Now, we can test our installation through a simple example of manipulating a DataFrame with PySpark. We are considering that you have already installed PySpark as shown previously.

from pyspark.sql import SparkSession

# Initializing a Spark session
# SparkSession is the main input to Spark SQL functionality.
# We configure the Spark application name and create or get an existing session.
spark = SparkSession.builder \
    .appName("PySpark DataFrame Example") \
    .getOrCreate()

# Example data
# Here we create a list of tuples with the example data.
data = [
    ("John", 28, "São Paulo"),
    ("Mary", 22, "Rio de Janeiro"),
    ("Peter", 35, "Belo Horizonte"),
    ("Ana", 23, "Curitiba")
]

# Defining the schema (column names)
# We define a list of column names for the DataFrame.
columns = ["Name", "Age", "City"]

# Creating the DataFrame
# We use SparkSession's createDataFrame function to transform the data and columns into a DataFrame.
df = spark.createDataFrame(data, columns)

# Displaying the DataFrame
# We use the show() method to show the first rows of the DataFrame.
print("Initial DataFrame")
df.show()

# Filtering Data
# We display records where the age is equal to or greater than 25.
# The filter() method is used with a Boolean expression to filter the data.
print("Records aged 25 or over")
df_filtered = df.filter(df["Age"] >= 25)
df_filtered.show()

# Selecting Columns
# We select only the "Name" and "City" columns from the DataFrame.
# The select() method is used for this operation.
print("Selection of Name and City columns only")
df_selected = df.select("Name", "City")
df_selected.show()

# Grouping Data
# We group the data by the "City" column and count the number of records in each group.
# The groupBy() method is used to group, followed by the count() method to count the records in each group.
print("Counting total records by city")
df_grouped = df.groupBy("City").count()
df_grouped.show()

# Saving the DataFrame
# We save the DataFrame to a CSV file at the specified location.
# The write.csv() method is used for this operation, with the header=True option to include the header.
df.write.csv("/content/output.csv", header=True)

Running the above code will produce the following output.

Initial DataFrame
+-----+---+--------------+
| Name|Age|          City|
+-----+---+--------------+
| John| 28|     São Paulo|
| Mary| 22|Rio de Janeiro|
|Peter| 35|Belo Horizonte|
|  Ana| 23|      Curitiba|
+-----+---+--------------+

Records aged 25 or over
+-----+---+--------------+
| Name|Age|          City|
+-----+---+--------------+
| John| 28|     São Paulo|
|Peter| 35|Belo Horizonte|
+-----+---+--------------+

Selection of Name and City columns only
+-----+--------------+
| Name|          City|
+-----+--------------+
| John|     São Paulo|
| Mary|Rio de Janeiro|
|Peter|Belo Horizonte|
|  Ana|      Curitiba|
+-----+--------------+

Counting total records by city
+--------------+-----+
|          City|count|
+--------------+-----+
|     São Paulo|    1|
|Rio de Janeiro|    1|
|      Curitiba|    1|
|Belo Horizonte|    1|
+--------------+-----+

Conclusion

Congratulations!
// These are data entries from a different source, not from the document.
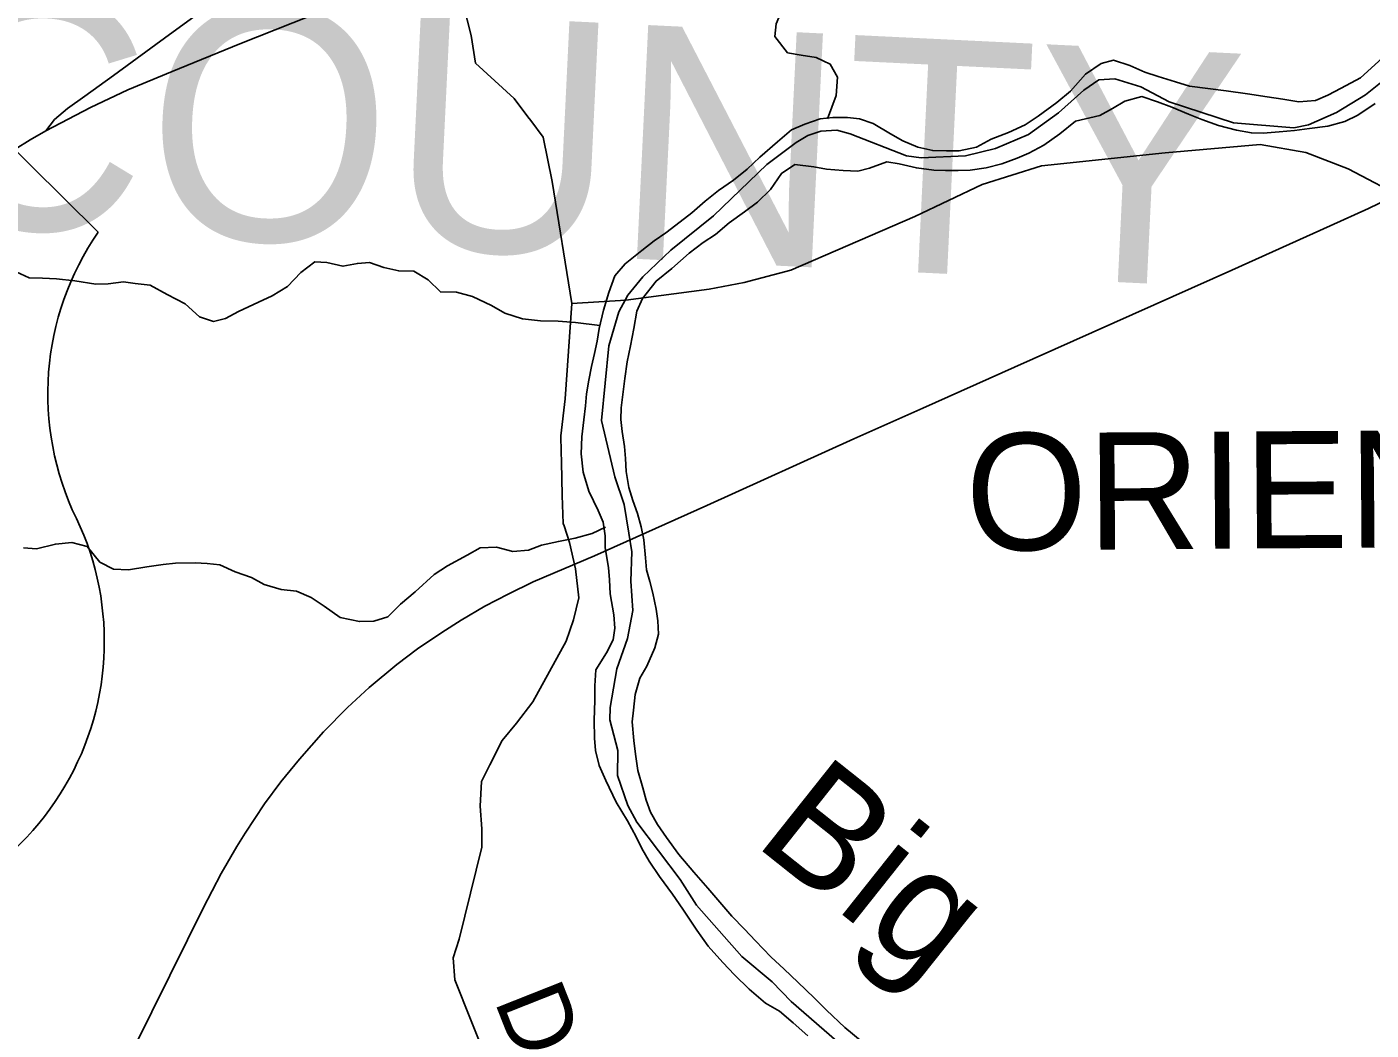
# Model space of a CAD drawing. Extents: x 114604 to 551442, y 316898 to 567001.
# Drawn here: x 156074 to 161815, y 325659 to 329945 of the extents above; entities that cross this region are included whole.
import ezdxf

# ---------------------------------------------------------------- set-up
doc = ezdxf.new("R2010")
doc.units = 0
for name, color, linetype in [('_CIVIL_CONSTRUCTION', 7, 'Continuous'), ('DV_X_County_Line', 7, 'Continuous'), ('GE_P_Alignment_1000_Bearings', 7, 'Continuous'), ('GE_P_Alignment_1000_Stations', 7, 'Continuous'), ('GE_P_Alignment_100_Distances', 7, 'Continuous'), ('GE_P_Alignment_500_Bearings', 7, 'Continuous'), ('GE_P_Alignment_500_Cardinal_Points', 7, 'Continuous'), ('GE_P_Alignment_500_Distances', 7, 'Continuous'), ('PM_P_Cells', 7, 'Continuous'), ('PM_P_CL_Double_Solid', 7, 'Continuous'), ('RD_P_GR_Rt', 7, 'Continuous'), ('SH_Named_Boundary', 7, 'Continuous')]:
    doc.layers.add(name, color=color, linetype=linetype)

msp = doc.modelspace()

# ---------------------------------------------------------------- linework, layer by layer
at = {"layer": '_CIVIL_CONSTRUCTION'}
for points in [[(156155.9, 329500.8), (156345.7, 329600.7), (156505.9, 329676.2), (156694.9, 329754.6), (156983.2, 329871.5), (157889.5, 330232.9)], [(157889.5, 330232.9), (157972.5, 329908.3), (157990.4, 329790), (158154.9, 329639.2), (158214, 329560.6)], [(158214, 329560.6), (158226.5, 329544), (158279.4, 329473.7), (158318, 329284.7), (158402.4, 328763.1)], [(156024.1, 329422.3), (156089.1, 329462), (156155.9, 329500.8)], [(159580.2, 329010.6), (159866.5, 329134.4), (160153.7, 329271), (160407.4, 329351.4), (160936.2, 329406.6), (161340.8, 329441.7), (161536, 329408.3), (161717.1, 329337.7), (161972.5, 329204.1), (162186.5, 329117.5), (162402.3, 329053.9), (162442.3, 329040.3)], [(158402.4, 328763.1), (158632.1, 328776.8), (158988.7, 328824.6), (159137.2, 328852.2), (159337.5, 328905.7), (159580.2, 329010.6)]]:
    msp.add_lwpolyline(points, dxfattribs=at)
at = {"layer": 'DV_X_County_Line'}
for points in [[(161862, 329811.6), (161770.1, 329727.3), (161688.1, 329683), (161630.2, 329652.8), (161578.2, 329630.7), (161506.1, 329624.5), (161438, 329636.3), (161371.9, 329646.2), (161287.8, 329658), (161195.7, 329671.8), (161039.5, 329691.5), (160979.4, 329709.4), (160905.2, 329733.2), (160849.1, 329751.1), (160785, 329779), (160714.8, 329802.9), (160662.8, 329788.7), (160594.9, 329742.5), (160531, 329670.3), (160473.1, 329622), (160393.2, 329563.8), (160337.2, 329525.6), (160267.3, 329493.4), (160193.3, 329465.1), (160129.3, 329430.9), (160055.3, 329414.7), (160001.2, 329414.6), (159943.2, 329416.5), (159879, 329430.3), (159814.9, 329458.2), (159762.8, 329488.2), (159688.6, 329532.1), (159630.4, 329551.9), (159578.4, 329557.8), (159516.3, 329557.7), (159462.3, 329551.6), (159396.3, 329529.4), (159340.3, 329505.2), (159280.4, 329453), (159204.5, 329388.7), (159150.6, 329336.5), (159092.7, 329290.3), (159028.7, 329246.1), (158970.8, 329199.9), (158914.9, 329149.7), (158864.9, 329111.5), (158803, 329065.3), (158753, 329031.1), (158701.1, 328988.9), (158629.2, 328932.7), (158585.3, 328880.5), (158559.5, 328810.3), (158537.7, 328734.2), (158517.9, 328656), (158510, 328601.9), (158498.2, 328549.8), (158486.3, 328493.7), (158474.5, 328435.6), (158464.6, 328377.5), (158460.8, 328325.4), (158452.9, 328265.3), (158445.1, 328193.2), (158441.3, 328121.1), (158449.6, 328043), (158473.8, 327960.9), (158514.1, 327878.9), (158536.3, 327828.9), (158544.4, 327770.8), (158544.6, 327718.7), (158558.8, 327634.6), (158563, 327582.6), (158565.2, 327522.5), (158581.4, 327432.4), (158585.6, 327376.3), (158577.7, 327326.2), (158549.9, 327270.1), (158504, 327197.9), (158500.2, 327129.8), (158500.4, 327067.7), (158496.6, 326983.6), (158498.9, 326905.5), (158503, 326853.4), (158519.2, 326789.4), (158547.4, 326725.3)], [(158672.5, 327092.1), (158692.3, 327162.3), (158722.2, 327214.4), (158756, 327292.6), (158771.9, 327350.7), (158769.7, 327406.8), (158761.5, 327456.9), (158747.3, 327524.9), (158735.2, 327575), (158721, 327625), (158716.9, 327677.1), (158708.6, 327753.2), (158698.5, 327809.2), (158682.3, 327865.3), (158662.1, 327921.3), (158645.9, 327977.3), (158633.7, 328045.4), (158631.6, 328101.5), (158627.4, 328151.5), (158617.2, 328215.6), (158611.1, 328267.7), (158612.9, 328317.7), (158620.8, 328385.9), (158628.6, 328442), (158638.4, 328514.1), (158652.2, 328582.2), (158666, 328656.4), (158679.8, 328730.5), (158703.7, 328784.6), (158761.5, 328858.9), (158829.5, 328913.1), (158903.3, 328977.4), (158963.3, 329023.6), (159015.2, 329057.8), (159073.1, 329108), (159139.1, 329154.2), (159195, 329196.4), (159250.9, 329250.6), (159296.8, 329318.8), (159354.7, 329357), (159434.8, 329347.2), (159488.9, 329337.3), (159561, 329331.5), (159623.1, 329327.6), (159673.1, 329341.7), (159747.1, 329367.9), (159799.2, 329360.1), (159873.3, 329342.2), (159947.4, 329332.4), (159997.4, 329330.5), (160051.5, 329330.6), (160103.6, 329332.7), (160171.6, 329342.9), (160237.6, 329359.1), (160303.6, 329383.3), (160353.6, 329405.4), (160417.6, 329439.6), (160485.5, 329487.9), (160553.4, 329542.1), (160657.4, 329566.4), (160711.4, 329596.6), (160763.4, 329626.7), (160835.4, 329646.9), (160903.5, 329625.1), (160963.6, 329601.2), (161035.8, 329571.3), (161091.9, 329549.4), (161164.1, 329523.5), (161240.2, 329503.7), (161304.3, 329491.8), (161354.4, 329489.9), (161422.4, 329496.1), (161488.4, 329502.3), (161552.5, 329510.4), (161630.5, 329520.6), (161702.6, 329540.8), (161758.5, 329567), (161832.5, 329617.2)], [(159641.7, 325608.4), (159567.5, 325670.3), (159489.2, 325744.2), (159437, 325796.2), (159366.7, 325864.1), (159308.5, 325920), (159252.3, 325972), (159186, 326039.9), (159139.8, 326089.9), (159085.6, 326145.8), (159025.4, 326215.8), (158983.2, 326265.7), (158922.9, 326333.7), (158858.6, 326409.6), (158806.4, 326481.6), (158768.2, 326537.6), (158738, 326589.6), (158719.8, 326641.6), (158705.7, 326693.7), (158683.4, 326767.7), (158673.2, 326837.8), (158667.1, 326895.8), (158658.8, 326975.9), (158664.7, 327026), (158672.5, 327092.1)], [(158547.4, 326725.3), (158591.7, 326633.3), (158640, 326553.3), (158676.2, 326485.3), (158700.4, 326435.3), (158732.6, 326381.3), (158776.8, 326315.3), (158831.1, 326239.3), (158875.3, 326175.3), (158935.6, 326085.4), (158983.9, 326017.4), (159046.1, 325947.4), (159096.3, 325895.5), (159158.6, 325833.6), (159228.8, 325773.6), (159289, 325739.7), (159347.2, 325689.8), (159409.4, 325633.9)]]:
    msp.add_lwpolyline(points, dxfattribs=at)
at = {"layer": 'GE_P_Alignment_1000_Bearings'}
msp.add_lwpolyline([(156002, 324511.8), (156761, 326044.9), (156827.3, 326179.4), (156903.9, 326328.4), (156970.9, 326443.9), (157006.2, 326500.6), (157088.6, 326625.6), (157158.8, 326719.7), (157238.6, 326816.9), (157341.3, 326933.3), (157443.6, 327037), (157535.6, 327122.2), (157654.5, 327220.9), (157743.2, 327287.1), (157846.2, 327358), (157929.8, 327410.9), (158030.7, 327469.8), (158129.8, 327521.7), (158237, 327574.2), (158498.5, 327685.4), (158978.5, 327900), (159605.7, 328185.2), (159901.1, 328315.6), (160291.6, 328491.6), (161219.9, 328905.6), (161640.8, 329095), (161804.8, 329169.2), (161931.5, 329229.4)], dxfattribs=at)
at = {"layer": 'GE_P_Alignment_1000_Stations'}
for points in [[(156155.9, 329500.8), (156345.7, 329600.7), (156505.9, 329676.2), (156694.9, 329754.6), (156983.2, 329871.5), (157889.5, 330232.9)], [(156024.1, 329422.3), (156089.1, 329462), (156155.9, 329500.8)]]:
    msp.add_lwpolyline(points, dxfattribs=at)
at = {"layer": 'GE_P_Alignment_500_Bearings'}
for points in [[(157757.8, 330778.6), (157619, 330641.8), (157527.6, 330551.1), (157394.4, 330442), (157151.1, 330251), (156990.8, 330135), (156850.6, 330033.1), (156683, 329911.6), (156443.8, 329737.4), (156321.5, 329649.2), (156248.5, 329595.5), (156193, 329548.8), (156155.9, 329500.8)], [(158402.4, 328763.1), (158373.2, 328355.9), (158354.4, 328197.6), (158356.1, 328128.7)], [(158356.1, 328128.7), (158357.1, 328086.3), (158360.4, 327943.3), (158365.4, 327823.2), (158368.7, 327812.9)], [(158368.7, 327812.9), (158392, 327741.3), (158416.9, 327629.3), (158431.9, 327505.3), (158408.6, 327411), (158377.3, 327320.7), (158235.2, 327061.4), (158165.9, 326970.8), (158104.4, 326896.3), (158051.2, 326791.8), (158015.7, 326721.5), (158010.5, 326615.4), (158017.3, 326519.3), (158017.9, 326441.2), (157920.9, 326048.1), (157895.5, 325967.9), (157902.2, 325873.8), (158106.3, 325362.6)]]:
    msp.add_lwpolyline(points, dxfattribs=at)
at = {"layer": 'GE_P_Alignment_500_Cardinal_Points'}
msp.add_line((156379.1, 329068.1), (155502.7, 329932), dxfattribs=at)
for centre, start, end in [((157382, 328376.5), 145.41132, 205.86513), ((155186.9, 327319.1), 269.77399, 25.58034)]:
    msp.add_arc(centre, 1218.3, start, end, dxfattribs=at)
at = {"layer": 'GE_P_Alignment_500_Distances'}
for points in [[(159532.9, 325611.6), (159338.2, 325781.4), (159257.9, 325865.3), (159127.4, 325973.2), (158934.6, 326193), (158864.2, 326303), (158679.3, 326546.9), (158641.1, 326618.9), (158596.7, 326746.9), (158598.4, 326853.1), (158564.2, 326984.5), (158565.8, 327037.3), (158593.4, 327201.6), (158639.1, 327331.9), (158662.7, 327452.1), (158654.4, 327576.3), (158658, 327702.4), (158645.8, 327782.5), (158625.4, 327904.7), (158585, 328022.7), (158528.3, 328262.9), (158559.4, 328581.5), (158603, 328727.8), (158630.9, 328779.6), (158640.9, 328798), (158704.7, 328876.3), (158824.5, 328990.7), (159006.2, 329137.3), (159233.9, 329356.2), (159359.7, 329450.6), (159409.7, 329480.8), (159465.7, 329499), (159533.8, 329503.1), (159589.9, 329487.2), (159830.4, 329393.7), (159894.4, 329385.8), (160082.6, 329394.3), (160210.7, 329424.6), (160352.6, 329485), (160480.5, 329577.5), (160588.3, 329673.8), (160652.3, 329718.1), (160720.3, 329722.2), (160832.5, 329688.5), (160952.8, 329624.6), (161227.4, 329535.2), (161485.7, 329513.7), (161547.7, 329525.9), (161667.7, 329578.3), (161791.6, 329654.7), (161855.5, 329704.9)], [(161855.5, 329704.9), (161791.6, 329654.7), (161667.7, 329578.3), (161547.7, 329525.9), (161485.7, 329513.7), (161227.4, 329535.2), (160952.8, 329624.6), (160832.5, 329688.5), (160720.3, 329722.2), (160652.3, 329718.1), (160588.3, 329673.8), (160480.5, 329577.5), (160352.6, 329485), (160210.7, 329424.6), (160082.6, 329394.3), (159894.4, 329385.8), (159830.4, 329393.7), (159589.9, 329487.2), (159533.8, 329503.1), (159465.7, 329499), (159409.7, 329480.8), (159359.7, 329450.6), (159233.9, 329356.2), (159006.2, 329137.3), (158824.5, 328990.7), (158704.7, 328876.3), (158640.9, 328798), (158630.9, 328779.6), (158603, 328727.8), (158559.4, 328581.5), (158528.3, 328262.9), (158585, 328022.7), (158625.4, 327904.7), (158645.8, 327782.5), (158658, 327702.4), (158654.4, 327576.3), (158662.7, 327452.1), (158639.1, 327331.9), (158593.4, 327201.6), (158565.8, 327037.3), (158564.2, 326984.5), (158598.4, 326853.1), (158596.7, 326746.9), (158641.1, 326618.9), (158679.3, 326546.9), (158864.2, 326303), (158934.6, 326193), (159127.4, 325973.2), (159257.9, 325865.3), (159338.2, 325781.4), (159532.9, 325611.6)]]:
    msp.add_lwpolyline(points, dxfattribs=at)
at = {"layer": 'PM_P_Cells'}
for points in [[(159494.2, 329552.4), (159530.1, 329651.9), (159535.8, 329730), (159505.7, 329786), (159445.5, 329813.9), (159381.4, 329823.8), (159323.3, 329833.6), (159269.1, 329903.6), (159274.9, 329957.7), (159296.8, 330011.9), (159326.6, 330094.1), (159340.4, 330188.2), (159354.5, 330268.8)], [(158521.8, 328668.3), (158417.7, 328681.8), (158343.6, 328687.6), (158267.5, 328689.5), (158191.4, 328697.3), (158115.3, 328721.2), (158059.1, 328755.1), (157976.9, 328792.9), (157908.8, 328810.8), (157840.8, 328812.7), (157788.5, 328864.6), (157726.4, 328900.5), (157662.3, 328902.4), (157598.2, 328916.2), (157538.1, 328938.1), (157486, 328934), (157424, 328921.8), (157355.9, 328937.7), (157303.8, 328941.6), (157243.9, 328895.4), (157188, 328835.2), (157122.1, 328795), (157064.1, 328768.8), (156978.1, 328728.5), (156922.1, 328698.3), (156872.1, 328686.2), (156812, 328706.1), (156749.8, 328762), (156673.6, 328801.9), (156601.4, 328841.8), (156537.3, 328847.7), (156487.2, 328855.6), (156421.2, 328847.4), (156369.2, 328845.3), (156279, 328859.1), (156200.9, 328868.9), (156140.9, 328870.8), (156084.8, 328872.7), (156010.6, 328906.5)], [(158545.3, 327807.1), (158488.3, 327780.7), (158416.3, 327760.5), (158344.3, 327746.3), (158272.3, 327730.1), (158216.3, 327709.9), (158150.2, 327703.8), (158080.1, 327721.6), (158010, 327719.5), (157954.1, 327687.3), (157870.1, 327643), (157814.2, 327604.9), (157732.3, 327530.6), (157670.4, 327478.3), (157616.5, 327424.1), (157556.5, 327406), (157494.4, 327403.8), (157412.3, 327421.7), (157344.1, 327469.6), (157287.9, 327507.5), (157225.8, 327533.4), (157159.7, 327541.2), (157087.5, 327563.1), (157033.4, 327593), (156963.3, 327616.9), (156899.1, 327646.8), (156845, 327652.7), (156793, 327654.6), (156708.9, 327654.4), (156656.9, 327648.2), (156586.8, 327638), (156508.8, 327625.9), (156444.7, 327627.7), (156386.6, 327657.6), (156332.3, 327725.6), (156266.2, 327741.4), (156196.1, 327735.3), (156116.1, 327715.1), (156060.1, 327718.9)]]:
    msp.add_lwpolyline(points, dxfattribs=at)

# ---------------------------------------------------------------- texts
at = {"layer": 'GE_P_Alignment_100_Distances'}
msp.add_text('PICKAWAY COUNTY', height=1000.079, rotation=357.23373, dxfattribs=at).set_placement((148179.4, 329460.9))
at = {"layer": 'PM_P_CL_Double_Solid'}
msp.add_text('D', height=300, rotation=291.60964, dxfattribs=at).set_placement((158068.4, 325786.1))
at = {"layer": 'RD_P_GR_Rt'}
msp.add_text('Big', height=500.07, rotation=321.52056, dxfattribs=at).set_placement((159172.9, 326456.8))
at = {"layer": 'SH_Named_Boundary'}
msp.add_text('ORIENT', height=500.04, rotation=0.41237, dxfattribs=at).set_placement((160084.7, 327707.5))

doc.saveas('drawing.dxf')

You've taken your first steps into the world of PySpark. Throughout this text, we explore the Apache Spark architecture, configure the development environment in Colab, and perform essential operations with DataFrames using PySpark.

We hope you have gained a solid understanding of how Spark works and how to use PySpark for data manipulation and analysis.

This knowledge is just the beginning. In upcoming articles we will explore how PySpark offers a wide range of functionality to process large data sets quickly and efficiently.